My Dormitory Bedroom
My dormitory bedroom on the cond floor of Bienville Hall is small and
cluttered up.Its dark green walls and dirty white ceiling make it look gloomy
and thus
even smaller than it is.On entering the bedroom.one would find my bed is right
班主任工作感悟in his way becau it takes up half of the room.The two large windows over my bed are obstructed from view by the golden heavy drapes.Against the left wall
is a large book ca extending into the comer which is behind the head of my b ed.The bookca is crammed with piles of sheets of paper, books,and knickknacks.Wedged in between the bookca and the wall opposite the bed is a small grey metal
desk.Near the desk stands a brown wooden chair which fills up the left end of
the room.Stuffed under the desk is a wastepaper basket overflowing with tom pieces of Paper and refu.The wall above the bookca and desk is completely taken
共享上网up with two small posters.On the right side of the room is a narrow clot with clothes,shoes,hats,tennis racquets, and boxes bulging out of its sliding doors.Every time 1 walk out of my bedroom.I think to mylf, Now I know what
it is like to live in a clot.”
Subways
Subways are long,dark,gloomy, sooty tunnels under the ground.Trains with many c ars clatter on steel tracks through the tunnels.The automatic doors open noisily, one at each end and another in the middle of the car.The trains have bright electric lights and long benches for pasngers’comfort.There are many colorful posters on the damp m etal walls of the trains.Some adverti toothpaste for the family.Many posters plead for support for charity organizations.A lot of posters urge subway riders to buy a special lime-scented deodorant or a
赞美太阳
particular lemon-oil haft tonic.A few posters ask readers to buy this soap or
that shoe polish.Most of the riders read the posters.A few of them read books
or newspapers.Not many riders talk to their fellow travelers as they burrow
through the earth from one end of the city to another.
A Spring Morning
It was early in a morning in spring.The sun was just scrambling upward from the eastern horizon and shedding vermilion steaks to penetrate the ambient clouds that were drifting across the sky.Soon the campus was bathed in the first rays
of the sun. Then the lake,the trees and the bamboos looked as if they were all gilded.The ground was covered with tender grass and the beaded dewdrops stood on their tips and were ready to reflect the nascent sunshine.

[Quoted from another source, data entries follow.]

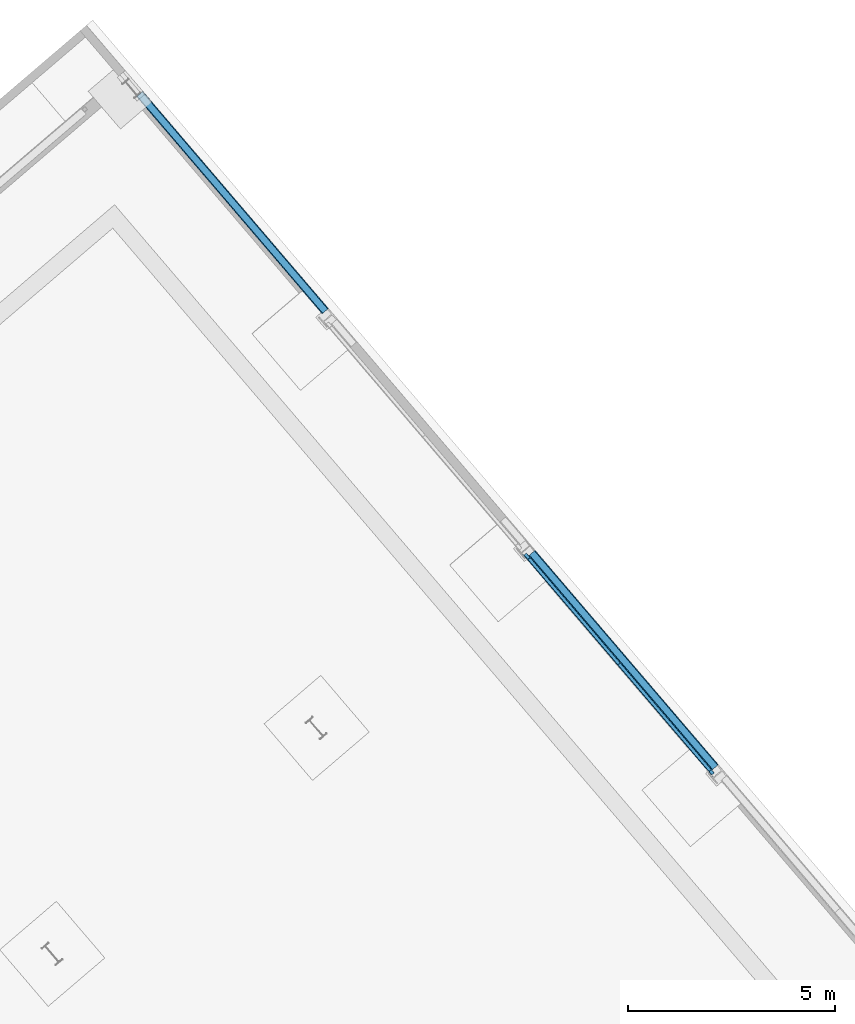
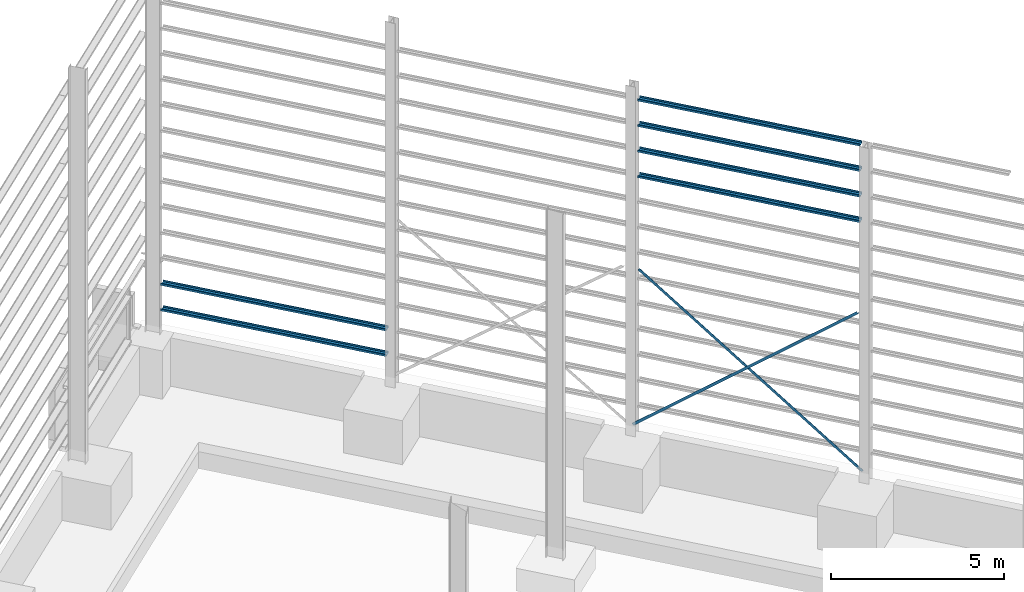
# One storey, part 31 of 41: 8 beams, 2 elements without a shape of their own.
"""IFC2X3 building model written with IfcOpenShell, lengths in millimetres."""

from ifc_helpers import new_model, entity, si_unit, converted_unit, derived_unit, direction, frame, frame_2d, origin, place, context, subcontext, project, spatial, polyline, circle_curve, parameter, trimmed, segment, composite_curve, outline, extrude, material, type_object, element, aggregate, save


model = new_model("IFC2X3")

# Units and contexts
model_context = context("Model", 3, precision=0.01, world=origin(), true_north=direction((6.123031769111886e-17, 1.0)))
body_context = subcontext(model_context, "Body", "Model", "MODEL_VIEW")
ifc_project = project(units=[si_unit("LENGTHUNIT", "METRE", prefix="MILLI"), si_unit("AREAUNIT", "SQUARE_METRE"), si_unit("VOLUMEUNIT", "CUBIC_METRE"), converted_unit("PLANEANGLEUNIT", "DEGREE", entity("IfcRatioMeasure", 0.017453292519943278), si_unit("PLANEANGLEUNIT", "RADIAN"), dimensions=[0, 0, 0, 0, 0, 0, 0]), si_unit("MASSUNIT", "GRAM", prefix="KILO"), derived_unit("MASSDENSITYUNIT", [(si_unit("MASSUNIT", "GRAM", prefix="KILO"), 1), (si_unit("LENGTHUNIT", "METRE"), -3)]), derived_unit("MOMENTOFINERTIAUNIT", [(si_unit("LENGTHUNIT", "METRE"), 4)]), si_unit("TIMEUNIT", "SECOND"), si_unit("FREQUENCYUNIT", "HERTZ"), si_unit("THERMODYNAMICTEMPERATUREUNIT", "DEGREE_CELSIUS"), derived_unit("THERMALTRANSMITTANCEUNIT", [(si_unit("MASSUNIT", "GRAM", prefix="KILO"), 1), (si_unit("THERMODYNAMICTEMPERATUREUNIT", "KELVIN"), -1), (si_unit("TIMEUNIT", "SECOND"), -3)]), derived_unit("VOLUMETRICFLOWRATEUNIT", [(si_unit("LENGTHUNIT", "METRE"), 3), (si_unit("TIMEUNIT", "SECOND"), -1)]), derived_unit("MASSFLOWRATEUNIT", [(si_unit("MASSUNIT", "GRAM", prefix="KILO"), 1), (si_unit("TIMEUNIT", "SECOND"), -1)]), derived_unit("ROTATIONALFREQUENCYUNIT", [(si_unit("TIMEUNIT", "SECOND"), -1)]), si_unit("ELECTRICCURRENTUNIT", "AMPERE"), si_unit("ELECTRICVOLTAGEUNIT", "VOLT"), si_unit("POWERUNIT", "WATT"), si_unit("FORCEUNIT", "NEWTON", prefix="KILO"), si_unit("ILLUMINANCEUNIT", "LUX"), si_unit("LUMINOUSFLUXUNIT", "LUMEN"), si_unit("LUMINOUSINTENSITYUNIT", "CANDELA"), derived_unit("USERDEFINED", [(si_unit("MASSUNIT", "GRAM", prefix="KILO"), -1), (si_unit("LENGTHUNIT", "METRE"), -2), (si_unit("TIMEUNIT", "SECOND"), 3), (si_unit("LUMINOUSFLUXUNIT", "LUMEN"), 1)]), derived_unit("SOUNDPOWERUNIT", [(si_unit("MASSUNIT", "GRAM", prefix="KILO"), 1), (si_unit("LENGTHUNIT", "METRE"), 2), (si_unit("TIMEUNIT", "SECOND"), -3)]), derived_unit("LINEARVELOCITYUNIT", [(si_unit("LENGTHUNIT", "METRE"), 1), (si_unit("TIMEUNIT", "SECOND"), -1)]), si_unit("PRESSUREUNIT", "PASCAL"), derived_unit("USERDEFINED", [(si_unit("LENGTHUNIT", "METRE"), -2), (si_unit("MASSUNIT", "GRAM", prefix="KILO"), 1), (si_unit("TIMEUNIT", "SECOND"), -2)]), derived_unit("LINEARFORCEUNIT", [(si_unit("MASSUNIT", "GRAM", prefix="KILO"), 1), (si_unit("LENGTHUNIT", "METRE"), 1), (si_unit("TIMEUNIT", "SECOND"), -2), (si_unit("LENGTHUNIT", "METRE"), -1)]), derived_unit("PLANARFORCEUNIT", [(si_unit("MASSUNIT", "GRAM", prefix="KILO"), 1), (si_unit("LENGTHUNIT", "METRE"), 1), (si_unit("TIMEUNIT", "SECOND"), -2), (si_unit("LENGTHUNIT", "METRE"), -2)])], contexts=[model_context])

# Site, building, storey
site_placement = place(None, frame((962.4174930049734, -6014.433753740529, 0.0), z_axis=(0.0, 0.0, 1.0), x_axis=(0.7601792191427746, 0.649713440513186, 0.0)))
site = spatial("IfcSite", under=ifc_project, at=site_placement, Name="Default", CompositionType="ELEMENT")
building_placement = place(site_placement, origin())
building = spatial("IfcBuilding", under=site, at=building_placement, CompositionType="ELEMENT")
storey_placement = place(building_placement, origin())
storey = spatial("IfcBuildingStorey", under=building, at=storey_placement, Name="Datum", CompositionType="ELEMENT", Elevation=0.0)

# Beams
ifc_material_1 = material(Name="Metal - Steel - 300 MPa")
beam_type_1 = type_object("IfcBeamType", Name="ADSK_AU_EA-Equal Angles (AS 3679_1):90x90x10EA", PredefinedType="NOTDEFINED")
beam_1_placement = place(storey_placement, frame((185683.36020470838, -18131.098902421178, 5622.635786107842), z_axis=(0.0, 0.6272703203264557, 0.7788016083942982), x_axis=(0.0, 0.7788016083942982, -0.6272703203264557)))
element("IfcBeam", 1, at=beam_1_placement, inside=storey, type_object=beam_type_1, material=ifc_material_1, Name="ADSK_AU_EA-Equal Angles (AS 3679_1):90x90x10EA", ObjectType="ADSK_AU_EA-Equal Angles (AS 3679_1):90x90x10EA", context=body_context, shape_type="SweptSolid", body=[
    extrude(outline(composite_curve([segment(polyline([(29.222222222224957, -55.777777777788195), (34.22222222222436, -55.777777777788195)]), True, "CONTINUOUS"), segment(polyline([(34.22222222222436, -55.777777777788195), (34.22222222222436, 34.222222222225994)]), True, "CONTINUOUS"), segment(polyline([(34.22222222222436, 34.222222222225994), (-55.777777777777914, 34.222222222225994)]), True, "CONTINUOUS"), segment(polyline([(-55.77777777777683, 34.222222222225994), (-55.777777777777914, 29.2222222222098)]), True, "CONTINUOUS"), segment(trimmed(circle_curve(frame_2d((-50.77777777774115, 29.222222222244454), x_axis=(-1.0, 0.0)), 5.000000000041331), [parameter(0.0)], [parameter(89.99999999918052)], True, "PARAMETER"), True, "CONTINUOUS"), segment(polyline([(-50.77777777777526, 24.222222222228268), (16.2222222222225, 24.222222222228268)]), True, "CONTINUOUS"), segment(trimmed(circle_curve(frame_2d((16.22222222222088, 16.222222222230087), x_axis=(0.0, 1.0)), 8.000000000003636), [parameter(270.0000000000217)], [parameter(0.0)], True, "PARAMETER"), False, "CONTINUOUS"), segment(polyline([(24.222222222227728, 16.222222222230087), (24.222222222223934, -50.77777777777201)]), True, "CONTINUOUS"), segment(trimmed(circle_curve(frame_2d((29.222222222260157, -50.77777777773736), x_axis=(-1.0, 0.0)), 5.000000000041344), [parameter(0.0)], [parameter(89.99999999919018)], True, "PARAMETER"), True, "CONTINUOUS")], self_intersect=False)), frame((0.0, -8.522222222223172, -55.777777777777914), z_axis=(1.0, 0.0, 0.0), x_axis=(0.0, 0.0, -1.0)), (0.0, 0.0, 1.0), 8833.2),
])
beam_2_placement = place(storey_placement, frame((185683.36020470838, -11489.283445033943, 5597.543005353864), z_axis=(0.0, -0.6270766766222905, 0.7789575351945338), x_axis=(0.0, -0.7789575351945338, -0.6270766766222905)))
element("IfcBeam", 2, at=beam_2_placement, inside=storey, type_object=beam_type_1, material=ifc_material_1, Name="ADSK_AU_EA-Equal Angles (AS 3679_1):90x90x10EA", ObjectType="ADSK_AU_EA-Equal Angles (AS 3679_1):90x90x10EA", context=body_context, shape_type="SweptSolid", body=[
    extrude(outline(composite_curve([segment(polyline([(-55.77777777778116, -34.222222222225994), (34.22222222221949, -34.222222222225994)]), True, "CONTINUOUS"), segment(polyline([(34.22222222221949, -34.222222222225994), (34.22222222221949, 55.777777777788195)]), True, "CONTINUOUS"), segment(polyline([(34.22222222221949, 55.777777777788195), (29.22222222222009, 55.777777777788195)]), True, "CONTINUOUS"), segment(trimmed(circle_curve(frame_2d((29.22222222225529, 50.77777777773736), x_axis=(0.0, 1.0)), 5.000000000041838), [parameter(0.0)], [parameter(89.99999999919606)], True, "PARAMETER"), True, "CONTINUOUS"), segment(polyline([(24.222222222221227, 50.77777777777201), (24.222222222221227, -16.222222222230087)]), True, "CONTINUOUS"), segment(trimmed(circle_curve(frame_2d((16.222222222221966, -16.222222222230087), x_axis=(1.0, 0.0)), 7.99999999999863), [parameter(269.99999999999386)], [parameter(0.0)], True, "PARAMETER"), False, "CONTINUOUS"), segment(polyline([(16.222222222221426, -24.222222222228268), (-50.77777777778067, -24.222222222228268)]), True, "CONTINUOUS"), segment(trimmed(circle_curve(frame_2d((-50.77777777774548, -29.222222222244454), x_axis=(0.0, 1.0)), 5.00000000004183), [parameter(0.0)], [parameter(89.99999999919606)], True, "PARAMETER"), True, "CONTINUOUS"), segment(polyline([(-55.77777777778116, -29.2222222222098), (-55.77777777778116, -34.222222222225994)]), True, "CONTINUOUS")], self_intersect=False)), frame((11.728956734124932, 8.522222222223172, -55.7777777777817), z_axis=(1.0, 0.0, 0.0), x_axis=(0.0, 0.0, -1.0)), (0.0, 0.0, 1.0), 8786.271043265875),
])

# Assembly, beams
assembly_1_placement = place(building_placement, origin())
assembly_1 = element("IfcElementAssembly", 3, at=assembly_1_placement, inside=storey, Name="Structural Beam System:Structural Beam System 1", ObjectType="Structural Beam System:Structural Beam System 1", AssemblyPlace="NOTDEFINED", PredefinedType="BEAM_GRID")
ifc_material_2 = material(Name="Metal - Light Gauge")
beam_type_2 = type_object("IfcBeamType", Name="ADSK_AUS_Light Gauge-Joists:C20015", PredefinedType="NOTDEFINED")
beam_3_placement = place(building_placement, frame((185748.56020470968, -18217.31558212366, 11405.616355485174), z_axis=(0.0, 0.0, 1.0), x_axis=(0.0, 1.0, 0.0)))
beam_3 = element("IfcBeam", 4, at=beam_3_placement, type_object=beam_type_2, material=ifc_material_2, Name="ADSK_AUS_Light Gauge-Joists:C20015", ObjectType="ADSK_AUS_Light Gauge-Joists:C20015", context=body_context, shape_type="SweptSolid", body=[
    extrude(outline(composite_curve([segment(polyline([(-25.691849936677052, -101.50000000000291), (39.491849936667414, -101.50000000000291)]), True, "CONTINUOUS"), segment(trimmed(circle_curve(frame_2d((39.4918499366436, -98.8418499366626), x_axis=(0.0, -1.0)), 2.6581500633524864), [parameter(0.0)], [parameter(89.99999999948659)], True, "PARAMETER"), True, "CONTINUOUS"), segment(polyline([(42.149999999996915, -98.8418499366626), (42.149999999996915, 98.84184993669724)]), True, "CONTINUOUS"), segment(trimmed(circle_curve(frame_2d((39.4918499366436, 98.84184993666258), x_axis=(1.0, 0.0)), 2.6581500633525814), [parameter(0.0)], [parameter(89.99999999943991)], True, "PARAMETER"), True, "CONTINUOUS"), segment(polyline([(39.49184993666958, 101.50000000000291), (-25.691849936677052, 101.50000000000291)]), True, "CONTINUOUS"), segment(trimmed(circle_curve(frame_2d((-25.69184993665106, 98.84184993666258), x_axis=(0.0, 1.0)), 2.6581500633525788), [parameter(0.0)], [parameter(89.99999999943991)], True, "PARAMETER"), True, "CONTINUOUS"), segment(polyline([(-28.35000000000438, 98.84184993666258), (-28.35000000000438, 80.0)]), True, "CONTINUOUS"), segment(polyline([(-28.35000000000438, 80.0), (-26.85000000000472, 80.0)]), True, "CONTINUOUS"), segment(polyline([(-26.85000000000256, 80.0), (-26.85000000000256, 98.42934993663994)]), True, "CONTINUOUS"), segment(trimmed(circle_curve(frame_2d((-25.279349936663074, 98.4293499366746), x_axis=(-1.0, 0.0)), 1.5706500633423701), [parameter(270.00000000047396)], [parameter(0.0)], True, "PARAMETER"), False, "CONTINUOUS"), segment(polyline([(-25.279349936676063, 100.0), (39.07934993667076, 100.0)]), True, "CONTINUOUS"), segment(trimmed(circle_curve(frame_2d((39.079349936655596, 98.4293499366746), x_axis=(0.0, 1.0)), 1.5706500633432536), [parameter(270.0000000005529)], [parameter(0.0)], True, "PARAMETER"), False, "CONTINUOUS"), segment(polyline([(40.649999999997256, 98.4293499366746), (40.649999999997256, -98.4293499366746)]), True, "CONTINUOUS"), segment(trimmed(circle_curve(frame_2d((39.079349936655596, -98.4293499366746), x_axis=(1.0, 0.0)), 1.5706500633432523), [parameter(270.0000000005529)], [parameter(0.0)], True, "PARAMETER"), False, "CONTINUOUS"), segment(polyline([(39.07934993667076, -100.0), (-25.279349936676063, -100.0)]), True, "CONTINUOUS"), segment(trimmed(circle_curve(frame_2d((-25.2793499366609, -98.4293499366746), x_axis=(0.0, -1.0)), 1.570650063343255), [parameter(270.0000000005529)], [parameter(0.0)], True, "PARAMETER"), False, "CONTINUOUS"), segment(polyline([(-26.85000000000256, -98.4293499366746), (-26.85000000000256, -80.0)]), True, "CONTINUOUS"), segment(polyline([(-26.85000000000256, -80.0), (-28.35000000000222, -80.0)]), True, "CONTINUOUS"), segment(polyline([(-28.35000000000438, -80.0), (-28.35000000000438, -98.84184993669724)]), True, "CONTINUOUS"), segment(trimmed(circle_curve(frame_2d((-25.691849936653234, -98.8418499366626), x_axis=(-1.0, 0.0)), 2.658150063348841), [parameter(0.0)], [parameter(89.99999999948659)], True, "PARAMETER"), True, "CONTINUOUS")], self_intersect=False)), frame((12.943749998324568, -101.50000000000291, 42.149999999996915), z_axis=(1.0, 0.0, 0.0), x_axis=(0.0, 0.0, -1.0)), (0.0, 0.0, 1.0), 6816.000000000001),
])
beam_4_placement = place(building_placement, frame((185748.56020470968, -18217.31558212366, 10505.616355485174), z_axis=(0.0, 0.0, 1.0), x_axis=(0.0, 1.0, 0.0)))
beam_4 = element("IfcBeam", 5, at=beam_4_placement, type_object=beam_type_2, material=ifc_material_2, Name="ADSK_AUS_Light Gauge-Joists:C20015", ObjectType="ADSK_AUS_Light Gauge-Joists:C20015", context=body_context, shape_type="SweptSolid", body=[
    extrude(outline(composite_curve([segment(polyline([(-25.691849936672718, -101.50000000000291), (39.49184993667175, -101.50000000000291)]), True, "CONTINUOUS"), segment(trimmed(circle_curve(frame_2d((39.49184993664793, -98.8418499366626), x_axis=(0.0, -1.0)), 2.6581500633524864), [parameter(0.0)], [parameter(89.99999999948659)], True, "PARAMETER"), True, "CONTINUOUS"), segment(polyline([(42.15000000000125, -98.8418499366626), (42.15000000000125, 98.84184993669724)]), True, "CONTINUOUS"), segment(trimmed(circle_curve(frame_2d((39.49184993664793, 98.84184993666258), x_axis=(1.0, 0.0)), 2.6581500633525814), [parameter(0.0)], [parameter(89.99999999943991)], True, "PARAMETER"), True, "CONTINUOUS"), segment(polyline([(39.491849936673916, 101.50000000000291), (-25.691849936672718, 101.50000000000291)]), True, "CONTINUOUS"), segment(trimmed(circle_curve(frame_2d((-25.691849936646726, 98.84184993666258), x_axis=(0.0, 1.0)), 2.6581500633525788), [parameter(0.0)], [parameter(89.99999999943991)], True, "PARAMETER"), True, "CONTINUOUS"), segment(polyline([(-28.350000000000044, 98.84184993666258), (-28.350000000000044, 80.0)]), True, "CONTINUOUS"), segment(polyline([(-28.350000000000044, 80.0), (-26.850000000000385, 80.0)]), True, "CONTINUOUS"), segment(polyline([(-26.849999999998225, 80.0), (-26.849999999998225, 98.42934993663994)]), True, "CONTINUOUS"), segment(trimmed(circle_curve(frame_2d((-25.27934993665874, 98.4293499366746), x_axis=(-1.0, 0.0)), 1.5706500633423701), [parameter(270.00000000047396)], [parameter(0.0)], True, "PARAMETER"), False, "CONTINUOUS"), segment(polyline([(-25.27934993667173, 100.0), (39.079349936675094, 100.0)]), True, "CONTINUOUS"), segment(trimmed(circle_curve(frame_2d((39.07934993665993, 98.4293499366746), x_axis=(0.0, 1.0)), 1.5706500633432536), [parameter(270.0000000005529)], [parameter(0.0)], True, "PARAMETER"), False, "CONTINUOUS"), segment(polyline([(40.65000000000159, 98.4293499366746), (40.65000000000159, -98.4293499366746)]), True, "CONTINUOUS"), segment(trimmed(circle_curve(frame_2d((39.07934993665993, -98.4293499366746), x_axis=(1.0, 0.0)), 1.5706500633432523), [parameter(270.0000000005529)], [parameter(0.0)], True, "PARAMETER"), False, "CONTINUOUS"), segment(polyline([(39.079349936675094, -100.0), (-25.27934993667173, -100.0)]), True, "CONTINUOUS"), segment(trimmed(circle_curve(frame_2d((-25.279349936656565, -98.4293499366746), x_axis=(0.0, -1.0)), 1.570650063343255), [parameter(270.0000000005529)], [parameter(0.0)], True, "PARAMETER"), False, "CONTINUOUS"), segment(polyline([(-26.849999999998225, -98.4293499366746), (-26.849999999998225, -80.0)]), True, "CONTINUOUS"), segment(polyline([(-26.849999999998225, -80.0), (-28.349999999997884, -80.0)]), True, "CONTINUOUS"), segment(polyline([(-28.350000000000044, -80.0), (-28.350000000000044, -98.84184993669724)]), True, "CONTINUOUS"), segment(trimmed(circle_curve(frame_2d((-25.6918499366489, -98.8418499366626), x_axis=(-1.0, 0.0)), 2.658150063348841), [parameter(0.0)], [parameter(89.99999999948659)], True, "PARAMETER"), True, "CONTINUOUS")], self_intersect=False)), frame((12.943749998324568, -101.50000000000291, 42.15000000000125), z_axis=(1.0, 0.0, 0.0), x_axis=(0.0, 0.0, -1.0)), (0.0, 0.0, 1.0), 6816.000000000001),
])
beam_5_placement = place(building_placement, frame((185748.56020470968, -18217.31558212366, 9605.616355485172), z_axis=(0.0, 0.0, 1.0), x_axis=(0.0, 1.0, 0.0)))
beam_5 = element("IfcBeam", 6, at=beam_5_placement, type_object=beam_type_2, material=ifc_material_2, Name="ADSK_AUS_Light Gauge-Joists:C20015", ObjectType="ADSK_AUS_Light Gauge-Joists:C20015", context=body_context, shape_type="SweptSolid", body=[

Birds flew about in the woods,twittering restlessly.Some b oy students who were absorbed in reading leaned against trees with buds peeping out from beneath the gray bark.A couple of girl students were reading from their English textbooks aloud while walking up and down the gravel path around the lake where a sort of
stream ro to form swirls of thin mist.It was really    a morning of beauty, vigor and hope.